::: SUPPLIED INFORMATION

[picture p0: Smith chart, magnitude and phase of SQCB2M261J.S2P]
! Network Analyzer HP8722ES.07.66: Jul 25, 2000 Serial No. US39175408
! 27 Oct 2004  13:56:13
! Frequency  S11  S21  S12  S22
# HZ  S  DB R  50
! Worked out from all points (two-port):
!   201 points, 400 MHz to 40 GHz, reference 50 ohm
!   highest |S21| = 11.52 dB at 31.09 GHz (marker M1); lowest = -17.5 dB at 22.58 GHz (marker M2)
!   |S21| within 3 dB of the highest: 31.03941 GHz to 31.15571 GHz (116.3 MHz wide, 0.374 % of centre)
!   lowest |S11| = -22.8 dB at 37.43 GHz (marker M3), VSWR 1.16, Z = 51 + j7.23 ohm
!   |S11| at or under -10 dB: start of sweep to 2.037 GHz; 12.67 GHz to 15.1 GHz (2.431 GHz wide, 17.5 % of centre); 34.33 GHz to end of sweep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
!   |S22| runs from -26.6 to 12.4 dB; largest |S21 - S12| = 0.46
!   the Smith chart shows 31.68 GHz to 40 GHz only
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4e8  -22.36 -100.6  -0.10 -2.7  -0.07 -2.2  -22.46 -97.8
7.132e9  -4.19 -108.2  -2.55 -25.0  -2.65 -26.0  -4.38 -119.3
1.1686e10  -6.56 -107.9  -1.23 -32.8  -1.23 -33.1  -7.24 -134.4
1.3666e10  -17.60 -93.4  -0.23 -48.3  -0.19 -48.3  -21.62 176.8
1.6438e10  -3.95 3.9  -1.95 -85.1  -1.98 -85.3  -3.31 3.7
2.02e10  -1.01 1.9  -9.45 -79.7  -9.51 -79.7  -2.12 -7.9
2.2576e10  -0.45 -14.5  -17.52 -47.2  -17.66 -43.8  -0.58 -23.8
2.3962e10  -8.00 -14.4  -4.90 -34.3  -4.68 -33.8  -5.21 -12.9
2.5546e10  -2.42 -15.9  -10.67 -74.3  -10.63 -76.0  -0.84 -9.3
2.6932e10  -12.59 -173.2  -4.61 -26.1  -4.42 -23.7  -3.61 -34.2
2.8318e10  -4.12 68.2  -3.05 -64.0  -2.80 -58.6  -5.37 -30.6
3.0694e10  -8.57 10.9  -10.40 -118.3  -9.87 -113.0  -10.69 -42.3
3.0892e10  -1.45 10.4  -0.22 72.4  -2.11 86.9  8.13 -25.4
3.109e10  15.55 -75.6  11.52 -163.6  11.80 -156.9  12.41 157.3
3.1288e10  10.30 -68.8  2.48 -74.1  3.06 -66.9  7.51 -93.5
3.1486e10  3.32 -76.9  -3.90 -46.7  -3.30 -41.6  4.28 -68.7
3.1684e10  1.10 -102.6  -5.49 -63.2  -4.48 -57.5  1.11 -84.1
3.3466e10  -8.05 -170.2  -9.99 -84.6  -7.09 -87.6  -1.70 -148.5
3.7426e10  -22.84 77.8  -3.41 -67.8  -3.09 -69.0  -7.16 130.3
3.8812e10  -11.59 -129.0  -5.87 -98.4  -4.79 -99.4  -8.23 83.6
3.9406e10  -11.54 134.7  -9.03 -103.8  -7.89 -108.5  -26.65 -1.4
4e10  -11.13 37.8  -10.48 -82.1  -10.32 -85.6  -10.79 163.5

::::::

An exact restatement of all the entries above is needed.

### WRITTEN ANSWER
[picture p0: Smith chart, magnitude and phase of SQCB2M261J.S2P]
! Network Analyzer HP8722ES.07.66: Jul 25, 2000 Serial No. US39175408
! 27 Oct 2004  13:56:13
! Frequency  S11  S21  S12  S22
# HZ  S  DB R  50
! Worked out from all points (two-port):
!   201 points, 400 MHz to 40 GHz, reference 50 ohm
!   highest |S21| = 11.52 dB at 31.09 GHz (marker M1); lowest = -17.5 dB at 22.58 GHz (marker M2)
!   |S21| within 3 dB of the highest: 31.03941 GHz to 31.15571 GHz (116.3 MHz wide, 0.374 % of centre)
!   lowest |S11| = -22.8 dB at 37.43 GHz (marker M3), VSWR 1.16, Z = 51 + j7.23 ohm
!   |S11| at or under -10 dB: start of sweep to 2.037 GHz; 12.67 GHz to 15.1 GHz (2.431 GHz wide, 17.5 % of centre); 34.33 GHz to end of sweep
!   |S22| runs from -26.6 to 12.4 dB; largest |S21 - S12| = 0.46
!   the Smith chart shows 31.68 GHz to 40 GHz only
4e8  -22.36 -100.6  -0.10 -2.7  -0.07 -2.2  -22.46 -97.8
7.132e9  -4.19 -108.2  -2.55 -25.0  -2.65 -26.0  -4.38 -119.3
1.1686e10  -6.56 -107.9  -1.23 -32.8  -1.23 -33.1  -7.24 -134.4
1.3666e10  -17.60 -93.4  -0.23 -48.3  -0.19 -48.3  -21.62 176.8
1.6438e10  -3.95 3.9  -1.95 -85.1  -1.98 -85.3  -3.31 3.7
2.02e10  -1.01 1.9  -9.45 -79.7  -9.51 -79.7  -2.12 -7.9
2.2576e10  -0.45 -14.5  -17.52 -47.2  -17.66 -43.8  -0.58 -23.8
2.3962e10  -8.00 -14.4  -4.90 -34.3  -4.68 -33.8  -5.21 -12.9
2.5546e10  -2.42 -15.9  -10.67 -74.3  -10.63 -76.0  -0.84 -9.3
2.6932e10  -12.59 -173.2  -4.61 -26.1  -4.42 -23.7  -3.61 -34.2
2.8318e10  -4.12 68.2  -3.05 -64.0  -2.80 -58.6  -5.37 -30.6
3.0694e10  -8.57 10.9  -10.40 -118.3  -9.87 -113.0  -10.69 -42.3
3.0892e10  -1.45 10.4  -0.22 72.4  -2.11 86.9  8.13 -25.4
3.109e10  15.55 -75.6  11.52 -163.6  11.80 -156.9  12.41 157.3
3.1288e10  10.30 -68.8  2.48 -74.1  3.06 -66.9  7.51 -93.5
3.1486e10  3.32 -76.9  -3.90 -46.7  -3.30 -41.6  4.28 -68.7
3.1684e10  1.10 -102.6  -5.49 -63.2  -4.48 -57.5  1.11 -84.1
3.3466e10  -8.05 -170.2  -9.99 -84.6  -7.09 -87.6  -1.70 -148.5
3.7426e10  -22.84 77.8  -3.41 -67.8  -3.09 -69.0  -7.16 130.3
3.8812e10  -11.59 -129.0  -5.87 -98.4  -4.79 -99.4  -8.23 83.6
3.9406e10  -11.54 134.7  -9.03 -103.8  -7.89 -108.5  -26.65 -1.4
4e10  -11.13 37.8  -10.48 -82.1  -10.32 -85.6  -10.79 163.5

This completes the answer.